[Entries taken from a collection]
────────────────────

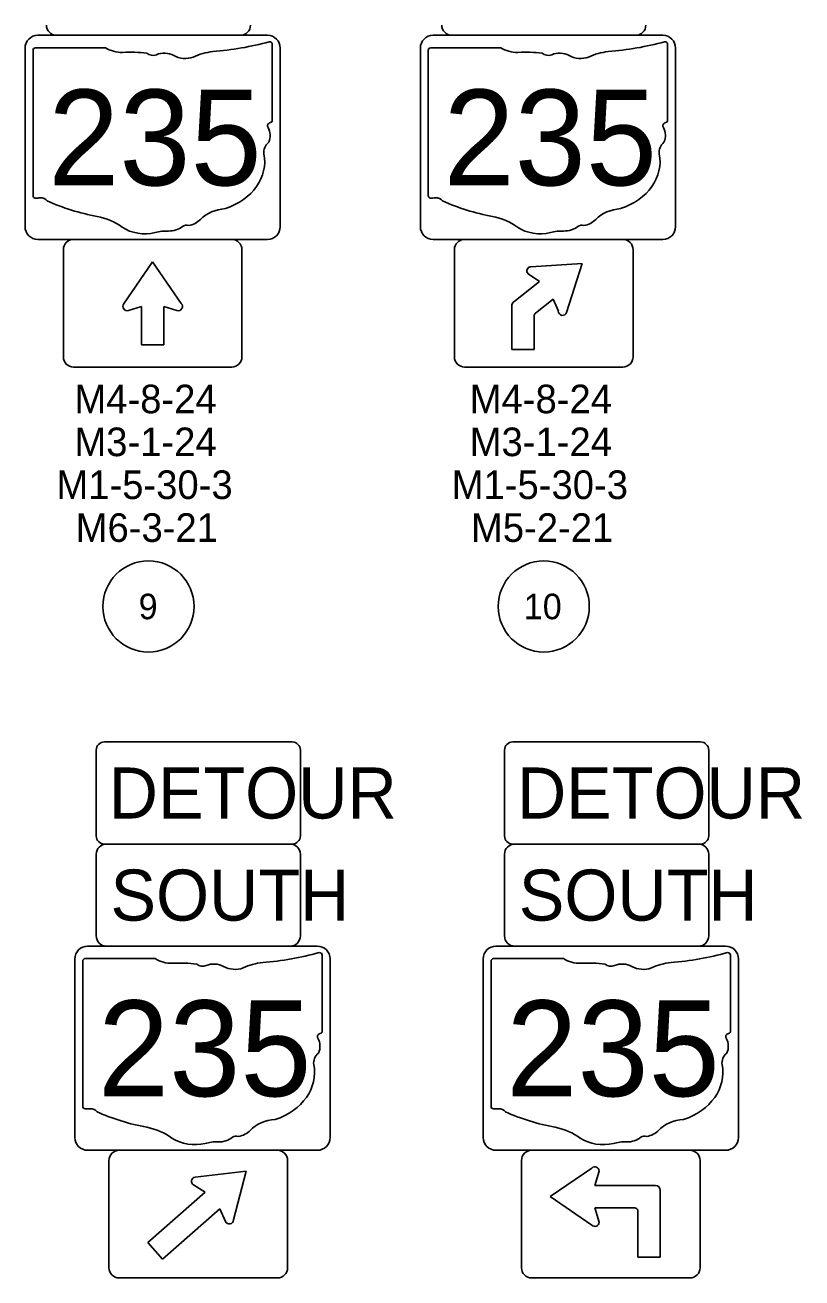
# Model space of a CAD drawing. Extents: x 632.2 to 666.2, y -36.3 to -14.3.
# Drawn here: x 656.93 to 660.73, y -25.43 to -19.3 of the extents above; entities that cross this region are included whole.
import ezdxf

# ---------------------------------------------------------------- set-up
doc = ezdxf.new("R2010")
doc.units = 0
for name, color, linetype in [('Default', 7, 'Continuous'), ('SN_P_Signs', 7, 'Continuous'), ('SN_P_Text', 7, 'Continuous')]:
    doc.layers.add(name, color=color, linetype=linetype)

msp = doc.modelspace()

# ---------------------------------------------------------------- linework, layer by layer
at = {"layer": 'Default'}
for centre in [(657.5297, -22.1449), (659.466, -22.1449)]:
    msp.add_circle(centre, 0.2232, dxfattribs=at)
at = {"layer": 'SN_P_Signs'}
for p, q in [((657.9797, -19.3475), (657.0797, -19.3475)), ((659.916, -19.3475), (659.016, -19.3475)), ((656.9643, -19.421), (656.9643, -20.1326)), ((657.319, -19.4088), (656.9758, -19.4088)), ((658.1362, -19.7634), (658.1362, -19.3912)), ((658.9006, -19.421), (658.9006, -20.1326)), ((659.2553, -19.4088), (658.9121, -19.4088)), ((660.0725, -19.7634), (660.0725, -19.3912)), ((658.136, -19.7633), (658.1362, -19.7634)), ((660.0723, -19.7633), (660.0725, -19.7634)), ((657.1628, -20.3475), (657.9378, -20.3475)), ((659.8535, -20.3475), (659.0785, -20.3475)), ((657.1128, -20.9225), (657.1128, -20.3975)), ((657.9878, -20.3975), (657.9878, -20.9225)), ((659.0285, -20.3975), (659.0285, -20.9225)), ((659.9035, -20.9225), (659.9035, -20.3975)), ((657.4081, -20.6638), (657.5503, -20.4569)), ((657.5503, -20.4569), (657.69, -20.6609)), ((659.4029, -20.4809), (659.403, -20.4809)), ((659.403, -20.4809), (659.6535, -20.4654)), ((659.6535, -20.4654), (659.5781, -20.7049)), ((659.3189, -20.653), (659.4452, -20.5541)), ((659.4452, -20.5541), (659.3895, -20.5165)), ((657.4955, -20.6756), (657.4314, -20.6955)), ((657.4955, -20.8631), (657.4955, -20.6756)), ((657.6691, -20.6955), (657.6049, -20.6756)), ((657.6049, -20.6756), (657.6049, -20.8631)), ((659.3099, -20.8865), (659.3099, -20.6715)), ((659.5126, -20.6404), (659.4254, -20.7088)), ((659.5374, -20.6986), (659.5126, -20.6404)), ((659.4192, -20.7212), (659.4192, -20.8865)), ((657.6049, -20.8631), (657.4955, -20.8631)), ((659.4192, -20.8865), (659.3099, -20.8865)), ((657.9378, -20.9725), (657.1628, -20.9725)), ((659.0785, -20.9725), (659.8535, -20.9725)), ((657.3238, -23.3085), (658.2238, -23.3085)), ((659.3238, -23.3085), (660.2238, -23.3085)), ((657.2738, -23.7585), (657.2738, -23.3585)), ((658.2738, -23.3585), (658.2738, -23.7585)), ((659.2738, -23.7585), (659.2738, -23.3585)), ((660.2738, -23.3585), (660.2738, -23.7585)), ((658.2238, -23.8085), (657.3238, -23.8085)), ((658.3803, -24.2244), (658.3803, -23.8522)), ((660.2238, -23.8085), (659.3238, -23.8085)), ((660.3803, -24.2244), (660.3803, -23.8522)), ((657.2084, -23.8821), (657.2084, -24.5936)), ((657.5631, -23.8698), (657.2199, -23.8698)), ((659.2084, -23.8821), (659.2084, -24.5936)), ((659.5631, -23.8698), (659.2199, -23.8698)), ((658.3801, -24.2243), (658.3803, -24.2244)), ((660.3801, -24.2243), (660.3803, -24.2244)), ((657.3863, -24.8085), (658.1613, -24.8085)), ((659.4069, -24.8085), (660.1819, -24.8085)), ((657.3363, -25.3835), (657.3363, -24.8585)), ((657.7588, -24.9396), (658.0082, -24.9101)), ((658.0082, -24.9101), (657.947, -25.1496)), ((658.2113, -24.8585), (658.2113, -25.3835)), ((659.3569, -25.3835), (659.3569, -24.8585)), ((659.7015, -24.8953), (659.4975, -25.0351)), ((659.7163, -24.9804), (659.7371, -24.9101)), ((660.2319, -24.8585), (660.2319, -25.3835)), ((657.7588, -24.9396), (657.7588, -24.9396)), ((657.5267, -25.2596), (657.8077, -25.0132)), ((657.8077, -25.0132), (657.7504, -24.9781)), ((660.0132, -24.9804), (659.7163, -24.9804)), ((660.0132, -24.9804), (660.0132, -24.9804)), ((660.0366, -25.332), (660.0366, -25.0038)), ((657.8798, -25.0954), (657.5989, -25.3418)), ((657.9071, -25.1568), (657.8798, -25.0955)), ((659.4975, -25.0351), (659.7015, -25.1748)), ((659.7371, -25.1601), (659.7163, -25.0898)), ((659.7163, -25.0898), (659.9116, -25.0898)), ((659.9272, -25.1054), (659.9272, -25.332)), ((657.5989, -25.3418), (657.5267, -25.2596)), ((659.9272, -25.332), (660.0366, -25.332)), ((659.9272, -25.332), (660.0366, -25.332)), ((658.1613, -25.4335), (657.3863, -25.4335)), ((660.1819, -25.4335), (659.4069, -25.4335))]:
    msp.add_line(p, q, dxfattribs=at)
for points in [[(656.9878, -19.3475), (658.1128, -19.3475)], [(658.9241, -19.3475), (660.0491, -19.3475)], [(656.9253, -20.285), (656.9253, -19.41)], [(658.1753, -19.41), (658.1753, -20.285)], [(658.8616, -20.285), (658.8616, -19.41)], [(660.1116, -19.41), (660.1116, -20.285)], [(658.1128, -20.3475), (656.9878, -20.3475)], [(660.0491, -20.3475), (658.9241, -20.3475)], [(658.2338, -22.8085), (657.3138, -22.8085)], [(660.2338, -22.8085), (659.3138, -22.8085)], [(657.2738, -22.8485), (657.2738, -23.2685)], [(658.2738, -23.2685), (658.2738, -22.8485)], [(659.2738, -22.8485), (659.2738, -23.2685)], [(660.2738, -23.2685), (660.2738, -22.8485)], [(657.3138, -23.3085), (658.2338, -23.3085)], [(659.3138, -23.3085), (660.2338, -23.3085)], [(657.2319, -23.8085), (658.3569, -23.8085)], [(659.2319, -23.8085), (660.3569, -23.8085)], [(657.1694, -24.746), (657.1694, -23.871)], [(658.4194, -23.871), (658.4194, -24.746)], [(659.1694, -24.746), (659.1694, -23.871)], [(660.4194, -23.871), (660.4194, -24.746)], [(658.3569, -24.8085), (657.2319, -24.8085)], [(660.3569, -24.8085), (659.2319, -24.8085)]]:
    msp.add_lwpolyline(points, dxfattribs=at)
for centre, radius, start, end in [((657.0797, -19.2975), 0.05, 180, 270), ((657.9797, -19.2975), 0.05, 270, 0), ((659.016, -19.2975), 0.05, 180, 270), ((659.916, -19.2975), 0.05, 270, 0), ((656.9878, -19.41), 0.0625, 90, 180), ((658.1128, -19.41), 0.0625, 0, 90), ((658.9241, -19.41), 0.0625, 90, 180), ((660.0491, -19.41), 0.0625, 0, 90), ((656.9878, -20.285), 0.0625, 180, 270), ((658.1128, -20.285), 0.0625, 270, 0), ((658.9241, -20.285), 0.0625, 180, 270), ((660.0491, -20.285), 0.0625, 270, 0), ((657.1628, -20.3974), 0.05, 90, 180), ((657.9378, -20.3974), 0.05, 0, 90), ((659.0785, -20.3975), 0.05, 90, 180), ((659.8535, -20.3975), 0.05, 0, 90), ((659.4043, -20.5017), 0.0209, 93.59993, 225.00014), ((657.4253, -20.6756), 0.0209, 145.41122, 287.20461), ((657.6753, -20.6756), 0.0209, 252.79539, 45.00956), ((659.3332, -20.6714), 0.0234, 127.78574, 180), ((659.4348, -20.7212), 0.0156, 127.34935, 180), ((659.5582, -20.6986), 0.0209, 180.05091, 342.58035), ((657.1628, -20.9224), 0.05, 180, 270), ((657.9378, -20.9224), 0.05, 270, 0), ((659.0785, -20.9225), 0.05, 180, 270), ((659.8535, -20.9225), 0.05, 270, 360), ((657.3138, -22.8485), 0.04, 90, 180), ((658.2338, -22.8485), 0.04, 0, 90), ((659.3138, -22.8485), 0.04, 90, 180), ((660.2338, -22.8485), 0.04, 0, 90), ((657.3138, -23.2685), 0.04, 180, 270), ((657.3238, -23.3585), 0.05, 90, 180), ((658.2238, -23.3585), 0.05, 0, 90), ((658.2338, -23.2685), 0.04, 270, 0), ((659.3138, -23.2685), 0.04, 180, 270), ((659.3238, -23.3585), 0.05, 90, 180), ((660.2238, -23.3585), 0.05, 0, 90), ((660.2338, -23.2685), 0.04, 270, 0), ((657.3238, -23.7585), 0.05, 180, 270), ((658.2238, -23.7585), 0.05, 270, 0), ((659.3238, -23.7585), 0.05, 180, 270), ((660.2238, -23.7585), 0.05, 270, 0), ((657.2319, -23.871), 0.0625, 90, 180), ((658.3569, -23.871), 0.0625, 0, 90), ((659.2319, -23.871), 0.0625, 90, 180), ((660.3569, -23.871), 0.0625, 0, 90), ((657.2319, -24.746), 0.0625, 180, 270), ((658.3569, -24.746), 0.0625, 270, 0), ((659.2319, -24.746), 0.0625, 180, 270), ((660.3569, -24.746), 0.0625, 270, 0), ((657.3863, -24.8585), 0.05, 90, 180), ((658.1613, -24.8585), 0.05, 0, 90), ((659.4069, -24.8585), 0.05, 90, 180), ((660.1819, -24.8585), 0.05, 0, 90), ((659.7163, -24.91), 0.0209, 0.00165, 134.99986), ((657.7613, -24.9603), 0.0209, 96.66992, 238.46331), ((660.0132, -25.0038), 0.0234, 0, 90), ((659.9116, -25.1054), 0.0156, 0, 90), ((657.9261, -25.1483), 0.0209, 204.05409, 356.26826), ((659.7163, -25.16), 0.0209, 225.00014, 0.00165), ((657.3863, -25.3835), 0.05, 180, 270), ((658.1613, -25.3835), 0.05, 270, 0), ((659.4069, -25.3835), 0.05, 180, 270), ((660.1819, -25.3835), 0.05, 270, 360)]:
    msp.add_arc(centre, radius, start, end, dxfattribs=at)
for centre, major_axis, start_param, end_param in [((657.7187, -18.4387), (1.2427, 0), 4.814394, 5.042369), ((658.1232, -19.3896), (0.013, 0), 6.141152, 7.989035), ((659.655, -18.4387), (1.2427, 0), 4.814394, 5.042369), ((660.0595, -19.3896), (0.013, 0), 6.141152, 7.989035), ((656.9777, -19.4195), (0.0136, 0), 1.712693, 3.28349), ((657.4008, -19.3262), (0.1317, 0), 4.042523, 4.731795), ((657.4444, -19.8083), (0.4727, 0), 1.404758, 1.657858), ((657.5517, -19.4158), (0.038, 0), 3.836095, 5.185415), ((657.6075, -19.4981), (0.079, 0), 0.950623, 2.079405), ((657.7094, -19.3853), (0.095, 0), 4.081561, 5.145723), ((657.8772, -19.6261), (0.25, 0), 1.699011, 2.107814), ((658.914, -19.4195), (0.0136, 0), 1.712693, 3.28349), ((659.337, -19.3262), (0.1317, 0), 4.042523, 4.731795), ((659.3807, -19.8083), (0.4727, 0), 1.404758, 1.657858), ((659.488, -19.4158), (0.038, 0), 3.836095, 5.185415), ((659.5438, -19.4981), (0.079, 0), 0.950623, 2.079405), ((659.6457, -19.3853), (0.095, 0), 4.081561, 5.145723), ((659.8135, -19.6261), (0.25, 0), 1.699011, 2.107814), ((658.1331, -19.7907), (0.0202, 0), 1.883978, 3.671073), ((658.0047, -19.8378), (0.1212, 0), 5.934695, 6.695948), ((658.1222, -19.7648), (0.014, 0), 5.05454, 6.418171), ((660.0694, -19.7907), (0.0202, 0), 1.883978, 3.671073), ((659.941, -19.8378), (0.1212, 0), 5.934695, 6.695948), ((660.0585, -19.7648), (0.014, 0), 5.05454, 6.418171), ((658.1829, -19.9192), (0.0882, 0), 2.387724, 3.262537), ((660.1192, -19.9192), (0.0882, 0), 2.387724, 3.262537), ((657.7883, -19.9665), (0.3108, 0), 5.101752, 6.440018), ((659.7246, -19.9665), (0.3108, 0), 5.101752, 6.440018), ((656.9778, -20.1341), (0.0137, 0), 3.00124, 4.508301), ((656.9799, -20.0613), (0.1045, 0), 4.665946, 4.897461), ((657.0013, -20.1736), (0.0377, 0), 0.519207, 1.627899), ((657.4771, -19.5343), (0.8974, 0), 4.195997, 4.488961), ((658.9141, -20.1341), (0.0137, 0), 3.00124, 4.508301), ((658.9162, -20.0613), (0.1045, 0), 4.665946, 4.897461), ((658.9376, -20.1736), (0.0377, 0), 0.519207, 1.627899), ((659.4134, -19.5343), (0.8974, 0), 4.195997, 4.488961), ((657.2096, -20.4522), (0.2808, 0), 0.823519, 1.323587), ((657.9194, -20.3323), (0.1702, 0), 1.647645, 2.488434), ((659.1459, -20.4522), (0.2808, 0), 0.823519, 1.323587), ((659.8557, -20.3323), (0.1702, 0), 1.647645, 2.488434), ((657.5133, -20.1772), (0.1782, 0), 4.026481, 4.996735), ((657.6162, -20.4232), (0.1464, 0), 1.495662, 1.94098), ((657.6292, -20.2304), (0.0949, 0), 4.691044, 5.507374), ((657.7151, -20.2994), (0.0267, 0), 1.147584, 2.315152), ((657.7037, -20.2015), (0.1004, 0), 4.937069, 5.64225), ((659.4496, -20.1772), (0.1782, 0), 4.026481, 4.996735), ((659.5525, -20.4232), (0.1464, 0), 1.495662, 1.94098), ((659.5655, -20.2304), (0.0949, 0), 4.691044, 5.507374), ((659.6514, -20.2994), (0.0267, 0), 1.147584, 2.315152), ((659.64, -20.2015), (0.1004, 0), 4.937069, 5.64225), ((657.9628, -22.8997), (1.2427, 0), 4.814394, 5.042369), ((658.3673, -23.8506), (0.013, 0), 6.141152, 7.989035), ((659.9628, -22.8997), (1.2427, 0), 4.814394, 5.042369), ((660.3673, -23.8506), (0.013, 0), 6.141152, 7.989035), ((657.2218, -23.8805), (0.0136, 0), 1.712693, 3.28349), ((657.6449, -23.7872), (0.1317, 0), 4.042523, 4.731795), ((657.6885, -24.2693), (0.4727, 0), 1.404758, 1.657858), ((657.7958, -23.8769), (0.038, 0), 3.836095, 5.185415), ((657.8516, -23.9591), (0.079, 0), 0.950623, 2.079405), ((657.9535, -23.8463), (0.095, 0), 4.081561, 5.145723), ((658.1213, -24.0871), (0.25, 0), 1.699011, 2.107814), ((659.2218, -23.8805), (0.0136, 0), 1.712693, 3.28349), ((659.6449, -23.7872), (0.1317, 0), 4.042523, 4.731795), ((659.6885, -24.2693), (0.4727, 0), 1.404758, 1.657858), ((659.7958, -23.8769), (0.038, 0), 3.836095, 5.185415), ((659.8516, -23.9591), (0.079, 0), 0.950623, 2.079405), ((659.9535, -23.8463), (0.095, 0), 4.081561, 5.145723), ((660.1213, -24.0871), (0.25, 0), 1.699011, 2.107814), ((658.3772, -24.2517), (0.0202, 0), 1.883978, 3.671073), ((658.3663, -24.2258), (0.014, 0), 5.05454, 6.418171), ((660.3772, -24.2517), (0.0202, 0), 1.883978, 3.671073), ((660.3663, -24.2258), (0.014, 0), 5.05454, 6.418171), ((658.2488, -24.2988), (0.1212, 0), 5.934695, 6.695948), ((660.2488, -24.2988), (0.1212, 0), 5.934695, 6.695948), ((658.427, -24.3802), (0.0882, 0), 2.387724, 3.262537), ((660.427, -24.3802), (0.0882, 0), 2.387724, 3.262537), ((658.0324, -24.4275), (0.3108, 0), 5.101752, 6.440018), ((660.0324, -24.4275), (0.3108, 0), 5.101752, 6.440018), ((657.222, -24.5952), (0.0137, 0), 3.00124, 4.508301), ((657.224, -24.5224), (0.1045, 0), 4.665946, 4.897461), ((657.2454, -24.6346), (0.0377, 0), 0.519207, 1.627899), ((659.222, -24.5952), (0.0137, 0), 3.00124, 4.508301), ((659.224, -24.5224), (0.1045, 0), 4.665946, 4.897461), ((659.2454, -24.6346), (0.0377, 0), 0.519207, 1.627899), ((657.7212, -23.9954), (0.8974, 0), 4.195997, 4.488961), ((658.1635, -24.7934), (0.1702, 0), 1.647645, 2.488434), ((659.7212, -23.9954), (0.8974, 0), 4.195997, 4.488961), ((660.1635, -24.7934), (0.1702, 0), 1.647645, 2.488434), ((657.4537, -24.9133), (0.2808, 0), 0.823519, 1.323587), ((657.9478, -24.6626), (0.1004, 0), 4.937069, 5.64225), ((659.4537, -24.9133), (0.2808, 0), 0.823519, 1.323587), ((659.9478, -24.6626), (0.1004, 0), 4.937069, 5.64225), ((657.7574, -24.6382), (0.1782, 0), 4.026481, 4.996735), ((657.8603, -24.8842), (0.1464, 0), 1.495662, 1.94098), ((657.8733, -24.6915), (0.0949, 0), 4.691044, 5.507374), ((657.9592, -24.7604), (0.0267, 0), 1.147584, 2.315152), ((659.7574, -24.6382), (0.1782, 0), 4.026481, 4.996735), ((659.8603, -24.8842), (0.1464, 0), 1.495662, 1.94098), ((659.8733, -24.6915), (0.0949, 0), 4.691044, 5.507374), ((659.9592, -24.7604), (0.0267, 0), 1.147584, 2.315152)]:
    msp.add_ellipse(centre, major_axis=major_axis, ratio=0.8, start_param=start_param, end_param=end_param, dxfattribs=at)

# ---------------------------------------------------------------- texts
at = {"layer": 'Default'}
for s, p in [('9', (657.4816, -22.2074)), ('10', (659.3681, -22.2074))]:
    msp.add_text(s, height=0.125, dxfattribs=at).set_placement(p)
at = {"layer": 'SN_P_Signs'}
for s, height, p in [('235', 0.46875, (657.0385, -20.0824)), ('235', 0.46875, (658.9748, -20.0824)), ('DETOUR', 0.25, (657.3346, -23.1835)), ('DETOUR', 0.25, (659.3346, -23.1835)), ('SOUTH', 0.25, (657.3438, -23.6835)), ('SOUTH', 0.25, (659.3438, -23.6835)), ('235', 0.46875, (657.2826, -24.5434)), ('235', 0.46875, (659.2826, -24.5434))]:
    msp.add_text(s, height=height, dxfattribs=at).set_placement(p)
at = {"layer": 'SN_P_Text'}
for s, p in [('M4-8-24', (657.1669, -21.1987)), ('M4-8-24', (659.1032, -21.1987)), ('M3-1-24', (657.1669, -21.4087)), ('M3-1-24', (659.1032, -21.4087)), ('M1-5-30-3', (657.0787, -21.6187)), ('M1-5-30-3', (659.015, -21.6187)), ('M6-3-21', (657.1732, -21.8287)), ('M5-2-21', (659.1095, -21.8287))]:
    msp.add_text(s, height=0.14, dxfattribs=at).set_placement(p)

doc.saveas('drawing.dxf')

────────────────────

• [About this exercise]:
Nothing should appear in the answer except the lines above from the line with "for points in" through the line with "msp.add_lwpolyline(points, dxfattribs=at)", both included, written out exactly.

• [Result below]:
for points in [[(656.9878, -19.3475), (658.1128, -19.3475)], [(658.9241, -19.3475), (660.0491, -19.3475)], [(656.9253, -20.285), (656.9253, -19.41)], [(658.1753, -19.41), (658.1753, -20.285)], [(658.8616, -20.285), (658.8616, -19.41)], [(660.1116, -19.41), (660.1116, -20.285)], [(658.1128, -20.3475), (656.9878, -20.3475)], [(660.0491, -20.3475), (658.9241, -20.3475)], [(658.2338, -22.8085), (657.3138, -22.8085)], [(660.2338, -22.8085), (659.3138, -22.8085)], [(657.2738, -22.8485), (657.2738, -23.2685)], [(658.2738, -23.2685), (658.2738, -22.8485)], [(659.2738, -22.8485), (659.2738, -23.2685)], [(660.2738, -23.2685), (660.2738, -22.8485)], [(657.3138, -23.3085), (658.2338, -23.3085)], [(659.3138, -23.3085), (660.2338, -23.3085)], [(657.2319, -23.8085), (658.3569, -23.8085)], [(659.2319, -23.8085), (660.3569, -23.8085)], [(657.1694, -24.746), (657.1694, -23.871)], [(658.4194, -23.871), (658.4194, -24.746)], [(659.1694, -24.746), (659.1694, -23.871)], [(660.4194, -23.871), (660.4194, -24.746)], [(658.3569, -24.8085), (657.2319, -24.8085)], [(660.3569, -24.8085), (659.2319, -24.8085)]]:
    msp.add_lwpolyline(points, dxfattribs=at)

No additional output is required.